London, Greater London, United Kingdom Warman O'Brien Full time
Job Summary

We are seeking a highly skilled Senior Biostatistician to join our team at Warman O'Brien. As a key member of our Statistical Operations management team, you will be responsible for managing clinical trial programs and projects from start to finish.

Key Responsibilities
  • Program Management: Collaborate with our leadership team to oversee clinical trial programs and projects, ensuring timely and successful delivery.
  • Statistical Oversight: Provide expert statistical guidance on study design, sample size estimation, statistical analysis planning, and data handling.
  • Team Leadership: Coach, mentor, and develop less experienced Biostatisticians and Statistical Programmers, providing technical review and advice.

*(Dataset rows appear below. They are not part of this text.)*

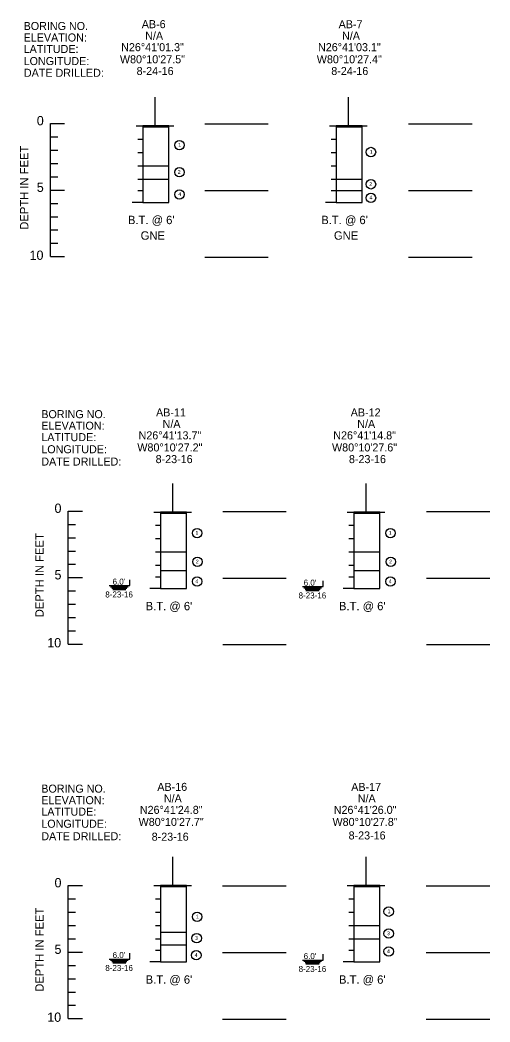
# Model space of a CAD drawing. Extents: x 0 to 331, y -72 to 117.
# Drawn here: x 74.02 to 92.94, y -21.91 to 18.43 of the extents above; entities that cross this region are included whole.
import ezdxf

# ---------------------------------------------------------------- set-up
doc = ezdxf.new("R2010")
doc.units = 0
for name, color, linetype in [('1-BORE', 7, 'Continuous'), ('1-GRID', 7, 'Continuous'), ('1-TEXT', 7, 'Continuous')]:
    doc.layers.add(name, color=color, linetype=linetype)

msp = doc.modelspace()

# ---------------------------------------------------------------- linework, layer by layer
at = {"layer": '1-BORE'}
for p, q in [((78.97, 14.122), (80.015, 14.122)), ((86.75, 14.122), (87.795, 14.122)), ((78.97, 12.556), (80.015, 12.556)), ((78.97, 12.556), (80.015, 12.556)), ((78.97, 12.02), (80.015, 12.02)), ((78.97, 12.02), (80.015, 12.02)), ((86.75, 12.02), (87.795, 12.02)), ((86.75, 12.02), (87.795, 12.02)), ((86.75, 11.557), (87.795, 11.557)), ((86.75, 11.557), (87.795, 11.557)), ((78.97, 11.083), (78.541, 11.083)), ((78.97, 11.083), (80.015, 11.083)), ((86.75, 11.083), (86.322, 11.083)), ((86.75, 11.083), (87.795, 11.083)), ((79.682, -1.422), (80.727, -1.422)), ((87.462, -1.422), (88.507, -1.422)), ((79.682, -2.989), (80.727, -2.989)), ((79.682, -2.989), (80.727, -2.989)), ((87.462, -2.989), (88.507, -2.989)), ((87.462, -2.989), (88.507, -2.989)), ((79.682, -3.739), (80.727, -3.739)), ((79.682, -3.739), (80.727, -3.739)), ((87.462, -3.739), (88.507, -3.739)), ((87.462, -3.739), (88.507, -3.739)), ((79.682, -4.462), (79.254, -4.462)), ((79.682, -4.462), (80.727, -4.462)), ((87.462, -4.462), (87.034, -4.462)), ((87.462, -4.462), (88.507, -4.462)), ((79.682, -16.459), (80.727, -16.459)), ((87.462, -16.459), (88.507, -16.459)), ((87.462, -18.025), (88.507, -18.025)), ((87.462, -18.025), (88.507, -18.025)), ((79.682, -18.3), (80.727, -18.3)), ((79.682, -18.3), (80.727, -18.3)), ((79.682, -18.802), (80.727, -18.802)), ((79.682, -18.802), (80.727, -18.802)), ((87.462, -18.561), (88.507, -18.561)), ((87.462, -18.561), (88.507, -18.561)), ((79.682, -19.498), (79.254, -19.498)), ((79.682, -19.498), (80.727, -19.498)), ((87.462, -19.498), (87.034, -19.498)), ((87.462, -19.498), (88.507, -19.498))]:
    msp.add_line(p, q, dxfattribs=at)
for points in [[(80.015, 14.122), (80.015, 14.164), (78.97, 14.164), (78.97, 14.122), (80.015, 14.122), (80.015, 14.122)], [(80.015, 11.083), (80.015, 14.164), (78.97, 14.164), (78.97, 11.083)], [(87.795, 14.122), (87.795, 14.164), (86.75, 14.164), (86.75, 14.122), (87.795, 14.122), (87.795, 14.122)], [(87.795, 11.083), (87.795, 14.164), (86.75, 14.164), (86.75, 11.083)], [(80.727, -4.462), (80.727, -1.381), (79.682, -1.381), (79.682, -4.462)], [(80.727, -1.422), (80.727, -1.381), (79.682, -1.381), (79.682, -1.422), (80.727, -1.422), (80.727, -1.422)], [(88.507, -4.462), (88.507, -1.381), (87.462, -1.381), (87.462, -4.462)], [(88.507, -1.422), (88.507, -1.381), (87.462, -1.381), (87.462, -1.422), (88.507, -1.422), (88.507, -1.422)], [(80.727, -19.498), (80.727, -16.418), (79.682, -16.418), (79.682, -19.498)], [(80.727, -16.459), (80.727, -16.418), (79.682, -16.418), (79.682, -16.459), (80.727, -16.459), (80.727, -16.459)], [(88.507, -19.498), (88.507, -16.418), (87.462, -16.418), (87.462, -19.498)], [(88.507, -16.459), (88.507, -16.418), (87.462, -16.418), (87.462, -16.459), (88.507, -16.459), (88.507, -16.459)]]:
    msp.add_lwpolyline(points, dxfattribs=at)
at = {"layer": '1-GRID'}
for p, q in [((75.254, 14.259), (75.819, 14.259)), ((81.462, 14.241), (84.016, 14.241)), ((89.662, 14.241), (92.216, 14.241)), ((75.254, 13.724), (75.539, 13.724)), ((78.765, 13.628), (78.97, 13.628)), ((86.545, 13.628), (86.75, 13.628)), ((75.254, 13.188), (75.539, 13.188)), ((78.765, 13.092), (78.97, 13.092)), ((86.545, 13.092), (86.75, 13.092)), ((75.254, 12.652), (75.539, 12.652)), ((78.765, 12.556), (78.97, 12.556)), ((86.545, 12.556), (86.75, 12.556)), ((75.254, 12.116), (75.539, 12.116)), ((78.765, 12.02), (78.97, 12.02)), ((86.545, 12.02), (86.75, 12.02)), ((75.254, 11.58), (75.819, 11.58)), ((75.254, 11.58), (75.819, 11.58)), ((78.765, 11.557), (78.97, 11.557)), ((81.462, 11.562), (84.016, 11.562)), ((86.545, 11.557), (86.75, 11.557)), ((89.662, 11.562), (92.216, 11.562)), ((75.254, 11.044), (75.539, 11.044)), ((78.97, 11.083), (79.174, 11.083)), ((86.75, 11.083), (86.955, 11.083)), ((75.254, 10.508), (75.539, 10.508)), ((75.254, 9.973), (75.539, 9.973)), ((75.254, 9.437), (75.539, 9.437)), ((75.254, 8.901), (75.819, 8.901)), ((81.462, 8.882), (84.016, 8.882)), ((89.662, 8.882), (92.216, 8.882)), ((75.966, -1.344), (76.531, -1.344)), ((75.966, -1.344), (76.531, -1.344)), ((82.183, -1.362), (84.737, -1.362)), ((90.384, -1.362), (92.938, -1.362)), ((75.966, -1.88), (76.251, -1.88)), ((79.477, -1.917), (79.682, -1.917)), ((87.258, -1.917), (87.462, -1.917)), ((75.966, -2.416), (76.251, -2.416)), ((79.477, -2.453), (79.682, -2.453)), ((87.258, -2.453), (87.462, -2.453)), ((75.966, -2.952), (76.251, -2.952)), ((79.477, -2.989), (79.682, -2.989)), ((87.258, -2.989), (87.462, -2.989)), ((75.966, -3.487), (76.251, -3.487)), ((79.477, -3.525), (79.682, -3.525)), ((87.258, -3.525), (87.462, -3.525)), ((75.966, -4.023), (76.531, -4.023)), ((75.966, -4.023), (76.531, -4.023)), ((79.477, -3.988), (79.682, -3.988)), ((87.258, -3.988), (87.462, -3.988)), ((82.183, -4.042), (84.737, -4.042)), ((90.384, -4.042), (92.938, -4.042)), ((75.966, -4.559), (76.251, -4.559)), ((79.682, -4.462), (79.887, -4.462)), ((87.462, -4.462), (87.667, -4.462)), ((75.966, -5.095), (76.251, -5.095)), ((75.966, -5.631), (76.251, -5.631)), ((75.966, -6.167), (76.251, -6.167)), ((75.966, -6.703), (76.531, -6.703)), ((82.183, -6.721), (84.737, -6.721)), ((90.384, -6.721), (92.938, -6.721)), ((75.966, -16.419), (76.531, -16.419)), ((75.966, -16.419), (76.531, -16.419)), ((82.175, -16.437), (84.729, -16.437)), ((90.374, -16.437), (92.928, -16.437)), ((75.966, -16.955), (76.251, -16.955)), ((79.477, -16.954), (79.682, -16.954)), ((87.258, -16.954), (87.462, -16.954)), ((75.966, -17.491), (76.251, -17.491)), ((79.477, -17.489), (79.682, -17.489)), ((87.258, -17.489), (87.462, -17.489)), ((75.966, -18.026), (76.251, -18.026)), ((79.477, -18.025), (79.682, -18.025)), ((87.258, -18.025), (87.462, -18.025)), ((75.966, -18.562), (76.251, -18.562)), ((79.477, -18.561), (79.682, -18.561)), ((87.258, -18.561), (87.462, -18.561)), ((75.966, -19.098), (76.531, -19.098)), ((75.966, -19.098), (76.531, -19.098)), ((79.477, -19.024), (79.682, -19.024)), ((82.175, -19.116), (84.729, -19.116)), ((87.258, -19.024), (87.462, -19.024)), ((90.374, -19.116), (92.928, -19.116)), ((75.966, -19.634), (76.251, -19.634)), ((79.682, -19.498), (79.887, -19.498)), ((87.462, -19.498), (87.667, -19.498)), ((75.966, -20.17), (76.251, -20.17)), ((75.966, -20.706), (76.251, -20.706)), ((75.966, -21.242), (76.251, -21.242)), ((75.966, -21.777), (76.531, -21.777)), ((82.175, -21.796), (84.729, -21.796)), ((90.374, -21.796), (92.928, -21.796))]:
    msp.add_line(p, q, dxfattribs=at)
for points in [[(75.254, 11.58), (75.254, 14.259)], [(75.254, 8.901), (75.254, 11.58)], [(75.966, -4.023), (75.966, -1.344)], [(75.966, -6.703), (75.966, -4.023)], [(75.966, -19.098), (75.966, -16.419)], [(75.966, -21.777), (75.966, -19.098)]]:
    msp.add_lwpolyline(points, dxfattribs=at)
at = {"layer": '1-TEXT'}
for p, q in [((79.449, 15.314), (79.449, 14.164)), ((87.23, 15.314), (87.23, 14.164)), ((80.162, -0.23), (80.162, -1.381)), ((87.942, -0.23), (87.942, -1.381)), ((77.612, -4.343), (78.437, -4.343)), ((77.666, -4.392), (78.376, -4.392)), ((78.437, -4.343), (78.437, -4.107)), ((85.392, -4.384), (86.218, -4.384)), ((85.447, -4.433), (86.157, -4.433)), ((86.218, -4.384), (86.218, -4.148)), ((77.714, -4.441), (78.32, -4.441)), ((77.752, -4.5), (78.277, -4.5)), ((85.494, -4.481), (86.101, -4.481)), ((85.533, -4.54), (86.057, -4.54)), ((80.162, -15.267), (80.162, -16.418)), ((87.942, -15.267), (87.942, -16.418)), ((78.437, -19.379), (78.437, -19.143)), ((86.218, -19.42), (86.218, -19.184)), ((77.612, -19.379), (78.437, -19.379)), ((77.666, -19.428), (78.376, -19.428)), ((77.714, -19.477), (78.32, -19.477)), ((77.752, -19.536), (78.277, -19.536)), ((85.392, -19.42), (86.218, -19.42)), ((85.447, -19.469), (86.157, -19.469)), ((85.494, -19.518), (86.101, -19.518)), ((85.533, -19.577), (86.057, -19.577))]:
    msp.add_line(p, q, dxfattribs=at)
for points in [[(78.703, 14.164), (80.212, 14.164)], [(86.484, 14.164), (87.993, 14.164)], [(79.415, -1.381), (80.925, -1.381)], [(87.196, -1.381), (88.705, -1.381)], [(79.415, -16.418), (80.925, -16.418)], [(87.196, -16.418), (88.705, -16.418)]]:
    msp.add_lwpolyline(points, dxfattribs=at)
for centre in [(80.438, 13.389), (88.149, 13.111), (80.438, 12.299), (88.149, 11.813), (80.438, 11.406), (88.149, 11.267), (81.151, -2.23), (88.931, -2.23), (81.165, -3.385), (88.946, -3.385), (81.151, -4.179), (88.931, -4.179), (88.861, -17.471), (81.151, -17.676), (81.133, -18.539), (88.861, -18.351), (88.861, -19.074), (81.119, -19.226)]:
    msp.add_circle(centre, 0.19, dxfattribs=at)

# ---------------------------------------------------------------- texts
at = {"layer": '1-GRID'}
for s, height, p in [('0', 0.375, (74.699, 14.187)), ('5', 0.375, (74.699, 11.507)), ('10', 0.3751, (74.408, 8.771)), ('0', 0.375, (75.412, -1.417)), ('5', 0.375, (75.412, -4.096)), ('10', 0.3751, (75.12, -6.832)), ('0', 0.375, (75.412, -16.492)), ('5', 0.375, (75.412, -19.171)), ('10', 0.3751, (75.12, -21.907))]:
    msp.add_text(s, height=height, dxfattribs=at).set_placement(p)
for p in [(74.361, 9.983), (74.975, -5.62), (74.975, -20.695)]:
    msp.add_text('DEPTH IN FEET', height=0.3376, rotation=90, dxfattribs=at).set_placement(p)
at = {"layer": '1-TEXT'}
for s, height, p in [('BORING NO.', 0.3231, (74.168, 18.025)), ('AB-6', 0.3231, (78.923, 18.098)), ('AB-7', 0.3231, (86.847, 18.096)), ('ELEVATION:', 0.3231, (74.168, 17.561)), ('N/A', 0.3231, (79.061, 17.632)), ('N/A', 0.3231, (86.985, 17.632)), ('LATITUDE:', 0.3231, (74.168, 17.099)), ('N26%%D41\'01.3"', 0.32313, (78.094, 17.172)), ('N26%%D41\'03.1"', 0.32313, (86.018, 17.172)), ('W80%%D10\'27.5"', 0.32313, (78.044, 16.685)), ('W80%%D10\'27.4"', 0.32313, (85.968, 16.685)), ('LONGITUDE:', 0.3231, (74.168, 16.613)), ('8-24-16', 0.3231, (78.716, 16.212)), ('8-24-16', 0.3231, (86.551, 16.212)), ('DATE DRILLED:', 0.32313, (74.179, 16.14)), ('1', 0.152, (80.393, 13.327)), ('1', 0.152, (88.103, 13.048)), ('2', 0.152, (80.37, 12.231)), ('2', 0.152, (88.081, 11.745)), ('4', 0.152, (80.393, 11.343)), ('4', 0.152, (88.087, 11.205)), ("B.T. @ 6'", 0.3376, (78.368, 10.208)), ("B.T. @ 6'", 0.3376, (86.148, 10.208)), ('GNE', 0.3376, (78.877, 9.582)), ('GNE', 0.3376, (86.657, 9.582)), ('BORING NO.', 0.3231, (74.88, 2.397)), ('AB-11', 0.3231, (79.498, 2.466)), ('AB-12', 0.3231, (87.334, 2.466)), ('ELEVATION:', 0.3231, (74.88, 1.933)), ('N/A', 0.3231, (79.762, 2.003)), ('N/A', 0.3231, (87.597, 2.003)), ('LATITUDE:', 0.3231, (74.88, 1.471)), ('N26%%D41\'13.7"', 0.32313, (78.795, 1.543)), ('N26%%D41\'14.8"', 0.32313, (86.631, 1.543)), ('LONGITUDE:', 0.3231, (74.88, 0.984)), ('W80%%D10\'27.2"', 0.32313, (78.745, 1.057)), ('W80%%D10\'27.6"', 0.32313, (86.581, 1.057)), ('DATE DRILLED:', 0.32313, (74.88, 0.489)), ('8-23-16', 0.3231, (79.481, 0.587)), ('8-23-16', 0.3231, (87.262, 0.587)), ('1', 0.152, (81.086, -2.293)), ('1', 0.152, (88.866, -2.293)), ('2', 0.152, (81.097, -3.454)), ('2', 0.152, (88.878, -3.454)), ("  6.0'", 0.2411, (77.571, -4.304)), ('4', 0.152, (81.082, -4.247)), (" 6.0'", 0.2411, (85.351, -4.345)), ('4', 0.152, (88.863, -4.247)), ('8-23-16', 0.2411, (77.455, -4.822)), ('8-23-16', 0.2411, (85.236, -4.862)), ("B.T. @ 6'", 0.3376, (79.08, -5.337)), ("B.T. @ 6'", 0.3376, (86.861, -5.337)), ('BORING NO.', 0.3231, (74.88, -12.68)), ('AB-16', 0.3231, (79.549, -12.608)), ('AB-17', 0.3231, (87.354, -12.611)), ('ELEVATION:', 0.3231, (74.88, -13.144)), ('N/A', 0.3231, (79.813, -13.074)), ('N/A', 0.3231, (87.617, -13.074)), ('LATITUDE:', 0.3231, (74.88, -13.606)), ('N26%%D41\'24.8"', 0.32313, (78.846, -13.534)), ('N26%%D41\'26.0"', 0.32313, (86.651, -13.534)), ('W80%%D10\'27.7"', 0.32313, (78.796, -14.02)), ('W80%%D10\'27.8"', 0.32313, (86.601, -14.02)), ('LONGITUDE:', 0.3231, (74.88, -14.093)), ('DATE DRILLED:', 0.32313, (74.88, -14.596)), ('8-23-16', 0.3231, (79.322, -14.615)), ('8-23-16', 0.3231, (87.248, -14.564)), ('1', 0.152, (81.105, -17.738)), ('1', 0.152, (88.815, -17.533)), ('3', 0.152, (81.065, -18.607)), ('3', 0.152, (88.793, -18.419)), ("  6.0'", 0.2411, (77.571, -19.34)), ('4', 0.152, (81.051, -19.294)), (" 6.0'", 0.2411, (85.351, -19.381)), ('4', 0.152, (88.793, -19.142)), ('8-23-16', 0.2411, (77.455, -19.858)), ('8-23-16', 0.2411, (85.236, -19.899)), ("B.T. @ 6'", 0.3376, (79.08, -20.373)), ("B.T. @ 6'", 0.3376, (86.861, -20.373))]:
    msp.add_text(s, height=height, dxfattribs=at).set_placement(p)

doc.saveas('drawing.dxf')

  • Protocol Design: Contribute to the development of trial protocols and research proposals, ensuring sound statistical methodologies.
  • Data Management: Review and provide input on clinical data management deliverables, including eCRFs, data validation specifications, and Data Management Plans.
  • Statistical Analysis: Perform hands-on statistical analysis and modeling, maintaining expertise in state-of-the-art statistical methodology and regulatory requirements.
  • Quality Control: Review and confirm ADaM dataset specifications, and perform quality control activities on ADaM datasets.
  • Regulatory Compliance: Ensure all study-level and drug-program-level statistical and programming activities are conducted in compliance with relevant regulatory requirements.
  • Communication: Collaborate with medical and clinical trial personnel to publish trial results, and participate in the writing of abstracts, manuscripts, posters, and presentations.
Requirements
  • A Ph.D. degree in statistical science, mathematical analysis, or a related field.
  • OR A Master's degree in the above fields.